TRY IT
Among the entries, which lines carry the string "Default"? Copy every one.
======== DATA UNDER STUDY
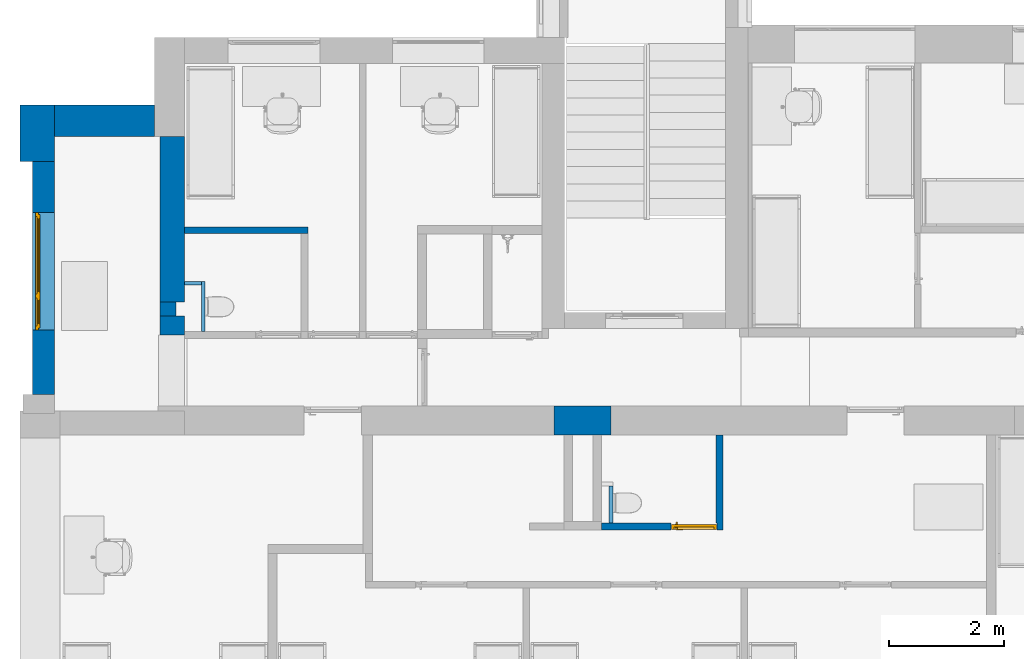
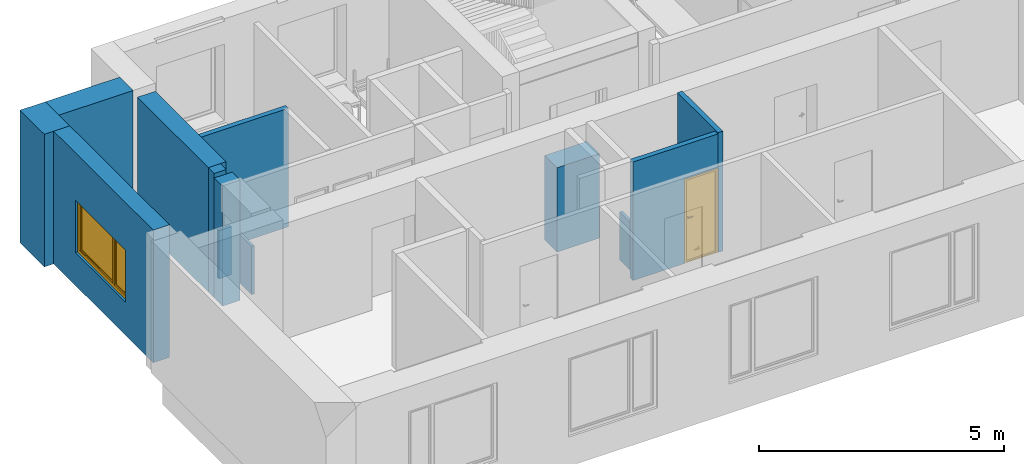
# One storey, part 6 of 46: 13 walls, 1 door, 1 window, 3 openings.
"""IFC2X3 building model written with IfcOpenShell, lengths in millimetres."""

from ifc_helpers import new_model, entity, si_unit, converted_unit, derived_unit, direction, frame, frame_2d, origin, place, context, subcontext, project, spatial, rectangle, extrude, faceted_brep, source, transform, mapped, material, material_list, layer, layer_set, layer_usage, type_object, type_shapes, element, fill, save


model = new_model("IFC2X3")

# Units and contexts
model_context = context("Model", 3, precision=0.01, world=origin(), true_north=direction((6.12303176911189e-17, 1.0)))
body_context = subcontext(model_context, "Body", "Model", "MODEL_VIEW")
ifc_project = project(units=[si_unit("LENGTHUNIT", "METRE", prefix="MILLI"), si_unit("AREAUNIT", "SQUARE_METRE"), si_unit("VOLUMEUNIT", "CUBIC_METRE"), converted_unit("PLANEANGLEUNIT", "DEGREE", entity("IfcRatioMeasure", 0.0174532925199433), si_unit("PLANEANGLEUNIT", "RADIAN"), dimensions=[0, 0, 0, 0, 0, 0, 0]), si_unit("MASSUNIT", "GRAM", prefix="KILO"), derived_unit("MASSDENSITYUNIT", [(si_unit("MASSUNIT", "GRAM", prefix="KILO"), 1), (si_unit("LENGTHUNIT", "METRE"), -3)]), si_unit("TIMEUNIT", "SECOND"), si_unit("FREQUENCYUNIT", "HERTZ"), si_unit("THERMODYNAMICTEMPERATUREUNIT", "DEGREE_CELSIUS"), derived_unit("THERMALTRANSMITTANCEUNIT", [(si_unit("MASSUNIT", "GRAM", prefix="KILO"), 1), (si_unit("THERMODYNAMICTEMPERATUREUNIT", "KELVIN"), -1), (si_unit("TIMEUNIT", "SECOND"), -3)]), derived_unit("VOLUMETRICFLOWRATEUNIT", [(si_unit("LENGTHUNIT", "METRE"), 3), (si_unit("TIMEUNIT", "SECOND"), -1)]), si_unit("ELECTRICCURRENTUNIT", "AMPERE"), si_unit("ELECTRICVOLTAGEUNIT", "VOLT"), si_unit("POWERUNIT", "WATT"), si_unit("FORCEUNIT", "NEWTON", prefix="KILO"), si_unit("ILLUMINANCEUNIT", "LUX"), si_unit("LUMINOUSFLUXUNIT", "LUMEN"), si_unit("LUMINOUSINTENSITYUNIT", "CANDELA"), derived_unit("USERDEFINED", [(si_unit("MASSUNIT", "GRAM", prefix="KILO"), -1), (si_unit("LENGTHUNIT", "METRE"), -2), (si_unit("TIMEUNIT", "SECOND"), 3), (si_unit("LUMINOUSFLUXUNIT", "LUMEN"), 1)]), derived_unit("LINEARVELOCITYUNIT", [(si_unit("LENGTHUNIT", "METRE"), 1), (si_unit("TIMEUNIT", "SECOND"), -1)]), si_unit("PRESSUREUNIT", "PASCAL"), derived_unit("USERDEFINED", [(si_unit("LENGTHUNIT", "METRE"), -2), (si_unit("MASSUNIT", "GRAM", prefix="KILO"), 1), (si_unit("TIMEUNIT", "SECOND"), -2)]), derived_unit("LINEARFORCEUNIT", [(si_unit("MASSUNIT", "GRAM", prefix="KILO"), 1), (si_unit("LENGTHUNIT", "METRE"), 1), (si_unit("TIMEUNIT", "SECOND"), -2), (si_unit("LENGTHUNIT", "METRE"), -1)]), derived_unit("PLANARFORCEUNIT", [(si_unit("MASSUNIT", "GRAM", prefix="KILO"), 1), (si_unit("LENGTHUNIT", "METRE"), 1), (si_unit("TIMEUNIT", "SECOND"), -2), (si_unit("LENGTHUNIT", "METRE"), -2)])], contexts=[model_context])

# Site, building, storey
site_placement = place(None, origin())
site = spatial("IfcSite", under=ifc_project, at=site_placement, Name="Default", CompositionType="ELEMENT")
building_placement = place(site_placement, origin())
building = spatial("IfcBuilding", under=site, at=building_placement, Name="SMA ARH", CompositionType="ELEMENT")
storey_placement = place(building_placement, origin())
storey = spatial("IfcBuildingStorey", under=building, at=storey_placement, Name="1 Korrus", CompositionType="ELEMENT", Elevation=0.0)

# Walls
ifc_material_1 = material(Name="_ol.olev sein")
ifc_layer_1 = layer(ifc_material_1, 550.0)
ifc_layer_set_1 = layer_set([ifc_layer_1], Name="Basic Wall:Generic - 550mm")
ifc_layer_usage_1 = layer_usage(ifc_layer_set_1, "AXIS2", "NEGATIVE", 275.0)
wall_type_1 = type_object("IfcWallType", Name="Basic Wall:Generic - 550mm", PredefinedType="STANDARD", material=ifc_layer_set_1)
wall_1_placement = place(storey_placement, frame((-100.0, 11495.0, 0.0)))
element("IfcWallStandardCase", 1, at=wall_1_placement, inside=storey, type_object=wall_type_1, material=ifc_layer_usage_1, Name="Basic Wall:Generic - 550mm", ObjectType="Basic Wall:Generic - 550mm", context=body_context, shape_type="SweptSolid", body=[
    extrude(rectangle(XDim=1745.00000000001, YDim=550.000000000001, at=frame_2d((872.500000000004, -5.6843418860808e-14), x_axis=(-1.0, 0.0))), origin(), (0.0, 0.0, 1.0), 3299.99999999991),
])
ifc_layer_2 = layer(ifc_material_1, 420.0)
ifc_layer_set_2 = layer_set([ifc_layer_2], Name="Basic Wall:Generic - 420mm")
ifc_layer_usage_2 = layer_usage(ifc_layer_set_2, "AXIS2", "NEGATIVE", 210.0)
wall_type_2 = type_object("IfcWallType", Name="Basic Wall:Generic - 420mm", PredefinedType="STANDARD", material=ifc_layer_set_2)
wall_2_placement = place(storey_placement, frame((1955.0, 11220.0, 0.0), z_axis=(0.0, 0.0, 1.0), x_axis=(0.0, -1.0, 0.0)))
element("IfcWallStandardCase", 2, at=wall_2_placement, inside=storey, type_object=wall_type_2, material=ifc_layer_usage_2, Name="Basic Wall:Generic - 420mm", ObjectType="Basic Wall:Generic - 420mm", context=body_context, shape_type="SweptSolid", body=[
    extrude(rectangle(XDim=2889.99999999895, YDim=420.0, at=frame_2d((1444.99999999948, 2.8421709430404e-14), x_axis=(-1.0, 0.0))), origin(), (0.0, 0.0, 1.0), 3099.99999999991),
])
ifc_layer_usage_3 = layer_usage(ifc_layer_set_2, "AXIS2", "NEGATIVE", 210.0)
wall_3_placement = place(storey_placement, frame((1955.0, 8090.0, 0.0), z_axis=(0.0, 0.0, 1.0), x_axis=(0.0, -1.0, 0.0)))
element("IfcWallStandardCase", 3, at=wall_3_placement, inside=storey, type_object=wall_type_2, material=ifc_layer_usage_3, Name="Basic Wall:Generic - 420mm", ObjectType="Basic Wall:Generic - 420mm", context=body_context, shape_type="SweptSolid", body=[
    extrude(rectangle(XDim=331.999999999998, YDim=420.0, at=frame_2d((165.999999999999, 1.4210854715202e-14), x_axis=(-1.0, 0.0))), origin(), (0.0, 0.0, 1.0), 2989.99999999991),
])
ifc_layer_3 = layer(ifc_material_1, 280.0)
ifc_layer_set_3 = layer_set([ifc_layer_3], Name="Basic Wall:Generic - 280mm")
ifc_layer_usage_4 = layer_usage(ifc_layer_set_3, "AXIS2", "NEGATIVE", 140.0)
wall_type_3 = type_object("IfcWallType", Name="Basic Wall:Generic - 280mm", PredefinedType="STANDARD", material=ifc_layer_set_3)
wall_4_placement = place(storey_placement, frame((1885.0, 8330.0, 0.0), z_axis=(0.0, 0.0, 1.0), x_axis=(0.0, -1.0, 0.0)))
element("IfcWallStandardCase", 4, at=wall_4_placement, inside=storey, type_object=wall_type_3, material=ifc_layer_usage_4, Name="Basic Wall:Generic - 280mm", ObjectType="Basic Wall:Generic - 280mm", context=body_context, shape_type="SweptSolid", body=[
    extrude(rectangle(XDim=240.000000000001, YDim=280.0, at=frame_2d((120.0, -7.105427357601e-14), x_axis=(-1.0, 0.0))), origin(), (0.0, 0.0, 1.0), 3099.99999999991),
])
ifc_layer_4 = layer(ifc_material_1, 600.0)
ifc_layer_set_4 = layer_set([ifc_layer_4], Name="Basic Wall:Generic - 600mm")
ifc_layer_usage_5 = layer_usage(ifc_layer_set_4, "AXIS2", "NEGATIVE", 300.0)
wall_type_4 = type_object("IfcWallType", Name="Basic Wall:Generic - 600mm", PredefinedType="STANDARD", material=ifc_layer_set_4)
wall_5_placement = place(storey_placement, frame((-400.0, 10780.0, 0.0), z_axis=(0.0, 0.0, 1.0), x_axis=(0.0, 1.0, 0.0)))
element("IfcWallStandardCase", 5, at=wall_5_placement, inside=storey, type_object=wall_type_4, material=ifc_layer_usage_5, Name="Basic Wall:Generic - 600mm", ObjectType="Basic Wall:Generic - 600mm", context=body_context, shape_type="SweptSolid", body=[
    extrude(rectangle(XDim=990.0, YDim=600.0, at=frame_2d((495.0, 2.8421709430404e-14), x_axis=(-1.0, 0.0))), origin(), (0.0, 0.0, 1.0), 3299.99999999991),
])

# Wall, opening, window
ifc_layer_5 = layer(ifc_material_1, 380.0)
ifc_layer_set_5 = layer_set([ifc_layer_5], Name="Basic Wall:Generic - 380mm")
ifc_layer_usage_6 = layer_usage(ifc_layer_set_5, "AXIS2", "NEGATIVE", 190.0)
wall_type_5 = type_object("IfcWallType", Name="Basic Wall:Generic - 380mm", PredefinedType="STANDARD", material=ifc_layer_set_5)
wall_6_placement = place(storey_placement, frame((-290.0, 6720.0, 0.0), z_axis=(0.0, 0.0, 1.0), x_axis=(0.0, 1.0, 0.0)))
wall_6 = element("IfcWallStandardCase", 6, at=wall_6_placement, inside=storey, type_object=wall_type_5, material=ifc_layer_usage_6, Name="Basic Wall:Generic - 380mm", ObjectType="Basic Wall:Generic - 380mm", context=body_context, shape_type="SweptSolid", body=[
    extrude(rectangle(XDim=4060.0, YDim=380.0, at=frame_2d((2030.0, 0.0), x_axis=(-1.0, 0.0))), origin(), (0.0, 0.0, 1.0), 3299.99999999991),
])
opening_1_placement = place(wall_6_placement, frame((1125.0, -190.0, 820.0)))
opening_1 = element("IfcOpeningElement", 7, at=opening_1_placement, cuts=wall_6, Name="SMA_W2, 2-jaotus:A-00 - 2100x1300:1", ObjectType="Opening", context=body_context, shape_type="SweptSolid", body=[
    extrude(rectangle(XDim=1300.0, YDim=2050.0, at=frame_2d((650.0, 1025.0), x_axis=(1.0, 0.0))), frame((0.0, 0.0, 0.0), z_axis=(0.0, 1.0, 0.0), x_axis=(0.0, 0.0, 1.0)), (0.0, 0.0, 1.0), 380.0),
])
ifc_material_2 = material(Name="Glass")
ifc_material_3 = material(Name="Hall")
ifc_material_list_1 = material_list([ifc_material_2, ifc_material_3])
ifc_material_4 = material(Name="<Unnamed>")
ifc_material_list_2 = material_list([ifc_material_4, ifc_material_3, ifc_material_2, ifc_material_4, ifc_material_3])
window_style = type_object("IfcWindowStyle", Name="SMA_W2, 2-jaotus:A-00 - 2100x1300", ConstructionType="NOTDEFINED", OperationType="NOTDEFINED", ParameterTakesPrecedence=False, Sizeable=False, material=ifc_material_list_2)
shared_shape_1 = source(origin(), body_context, "Body", "Brep", [
    faceted_brep([(1945.0, 270.0, 1195.0), (660.0, 270.0, 1195.0), (660.0, 270.0, 105.0), (1945.0, 270.0, 105.0), (1945.0, 290.0, 105.0), (1945.0, 290.0, 1195.0), (660.0, 290.0, 105.0), (660.0, 290.0, 1195.0)], [[[0, 1, 2, 3]], [[3, 4, 5, 0]], [[2, 6, 4, 3]], [[1, 7, 6, 2]], [[5, 4, 6, 7]], [[0, 5, 7, 1]]]),
    faceted_brep([(520.0, 270.0, 105.0), (520.0, 270.0, 1195.0), (105.0, 270.0, 1195.0), (105.0, 270.0, 105.0), (105.0, 290.0, 105.0), (520.0, 290.0, 105.0), (105.0, 290.0, 1195.0), (520.0, 290.0, 1195.0)], [[[0, 1, 2, 3]], [[3, 4, 5, 0]], [[2, 6, 4, 3]], [[0, 5, 7, 1]], [[5, 4, 6, 7]], [[1, 7, 6, 2]]]),
    faceted_brep([(2015.0, 255.0, 35.0), (2015.0, 255.0, 1265.0), (590.0, 255.0, 1265.0), (590.0, 255.0, 35.0), (660.0, 255.0, 1195.0), (1945.0, 255.0, 1195.0), (1945.0, 255.0, 105.0), (660.0, 255.0, 105.0), (590.0, 305.0, 35.0), (2015.0, 305.0, 35.0), (590.0, 305.0, 1265.0), (2015.0, 305.0, 1265.0), (660.0, 305.0, 105.0), (660.0, 305.0, 1195.0), (1945.0, 305.0, 105.0), (1945.0, 305.0, 1195.0)], [[[0, 1, 2, 3], [4, 5, 6, 7]], [[3, 8, 9, 0]], [[2, 10, 8, 3]], [[0, 9, 11, 1]], [[7, 12, 13, 4]], [[6, 14, 12, 7]], [[5, 15, 14, 6]], [[9, 8, 10, 11], [13, 12, 14, 15]], [[1, 11, 10, 2]], [[4, 13, 15, 5]]]),
    faceted_brep([(590.0, 255.0, 35.0), (590.0, 255.0, 1265.0), (35.0, 255.0, 1265.0), (35.0, 255.0, 35.0), (105.0, 255.0, 1195.0), (520.0, 255.0, 1195.0), (520.0, 255.0, 105.0), (105.0, 255.0, 105.0), (35.0, 305.0, 35.0), (590.0, 305.0, 35.0), (35.0, 305.0, 1265.0), (590.0, 305.0, 1265.0), (105.0, 305.0, 105.0), (105.0, 305.0, 1195.0), (520.0, 305.0, 105.0), (520.0, 305.0, 1195.0)], [[[0, 1, 2, 3], [4, 5, 6, 7]], [[3, 8, 9, 0]], [[2, 10, 8, 3]], [[0, 9, 11, 1]], [[7, 12, 13, 4]], [[6, 14, 12, 7]], [[5, 15, 14, 6]], [[9, 8, 10, 11], [13, 12, 14, 15]], [[1, 11, 10, 2]], [[4, 13, 15, 5]]]),
    faceted_brep([(35.0, 280.0, 35.0), (35.0, 280.0, 1265.0), (590.0, 280.0, 1265.0), (590.0, 280.0, 35.0), (1980.0, 280.0, 1230.0), (1980.0, 280.0, 70.0), (625.0, 280.0, 70.0), (625.0, 280.0, 1230.0), (2050.0, 280.0, 0.0), (2050.0, 280.0, 1300.0), (0.0, 280.0, 1300.0), (0.0, 280.0, 0.0), (0.0, 330.0, 0.0), (2050.0, 330.0, 0.0), (0.0, 330.0, 1300.0), (2050.0, 330.0, 1300.0), (625.0, 330.0, 70.0), (625.0, 330.0, 1230.0), (1980.0, 330.0, 70.0), (1980.0, 330.0, 1230.0), (35.0, 305.0, 35.0), (590.0, 305.0, 35.0), (590.0, 305.0, 1265.0), (35.0, 305.0, 1265.0), (555.0, 330.0, 1230.0), (70.0, 330.0, 1230.0), (70.0, 330.0, 70.0), (555.0, 330.0, 70.0), (555.0, 305.0, 70.0), (555.0, 305.0, 1230.0), (70.0, 305.0, 70.0), (70.0, 305.0, 1230.0)], [[[0, 1, 2, 3], [4, 5, 6, 7], [8, 9, 10, 11]], [[11, 12, 13, 8]], [[10, 14, 12, 11]], [[8, 13, 15, 9]], [[6, 16, 17, 7]], [[5, 18, 16, 6]], [[4, 19, 18, 5]], [[20, 0, 3, 21]], [[21, 3, 2, 22]], [[23, 1, 0, 20]], [[13, 12, 14, 15], [24, 25, 26, 27], [19, 17, 16, 18]], [[27, 28, 29, 24]], [[26, 30, 28, 27]], [[25, 31, 30, 26]], [[21, 22, 23, 20], [29, 28, 30, 31]], [[9, 15, 14, 10]], [[24, 29, 31, 25]], [[7, 17, 19, 4]], [[22, 2, 1, 23]]], outer=[[False, False, True], [True], [True], [True], [True], [True], [True], [True], [True], [True], [True, False, False], [True], [True], [True], [True, False], [True], [True], [True], [True]]),
])
type_shapes(window_style, [shared_shape_1])
window_placement = place(opening_1_placement, origin())
window = element("IfcWindow", 8, at=window_placement, inside=storey, type_object=window_style, material=ifc_material_list_1, Name="SMA_W2, 2-jaotus:A-00 - 2100x1300", ObjectType="SMA_W2, 2-jaotus:A-00 - 2100x1300", OverallHeight=1300.0, OverallWidth=2050.0, context=body_context, shape_type="MappedRepresentation", body=[
    mapped(shared_shape_1, transform((0.0, 0.0, 0.0), scale=1.0)),
])
fill(opening_1, window)

# Wall
ifc_material_5 = material(Name="EST. Ehitusplaat. Kipsplaat")
ifc_layer_6 = layer(ifc_material_5, 12.5)
ifc_layer_7 = layer(ifc_material_5, 12.5)
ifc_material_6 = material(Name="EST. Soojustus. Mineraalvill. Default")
================
RESPONSE TO THE TASK
site = spatial("IfcSite", under=ifc_project, at=site_placement, Name="Default", CompositionType="ELEMENT")
ifc_material_6 = material(Name="EST. Soojustus. Mineraalvill. Default")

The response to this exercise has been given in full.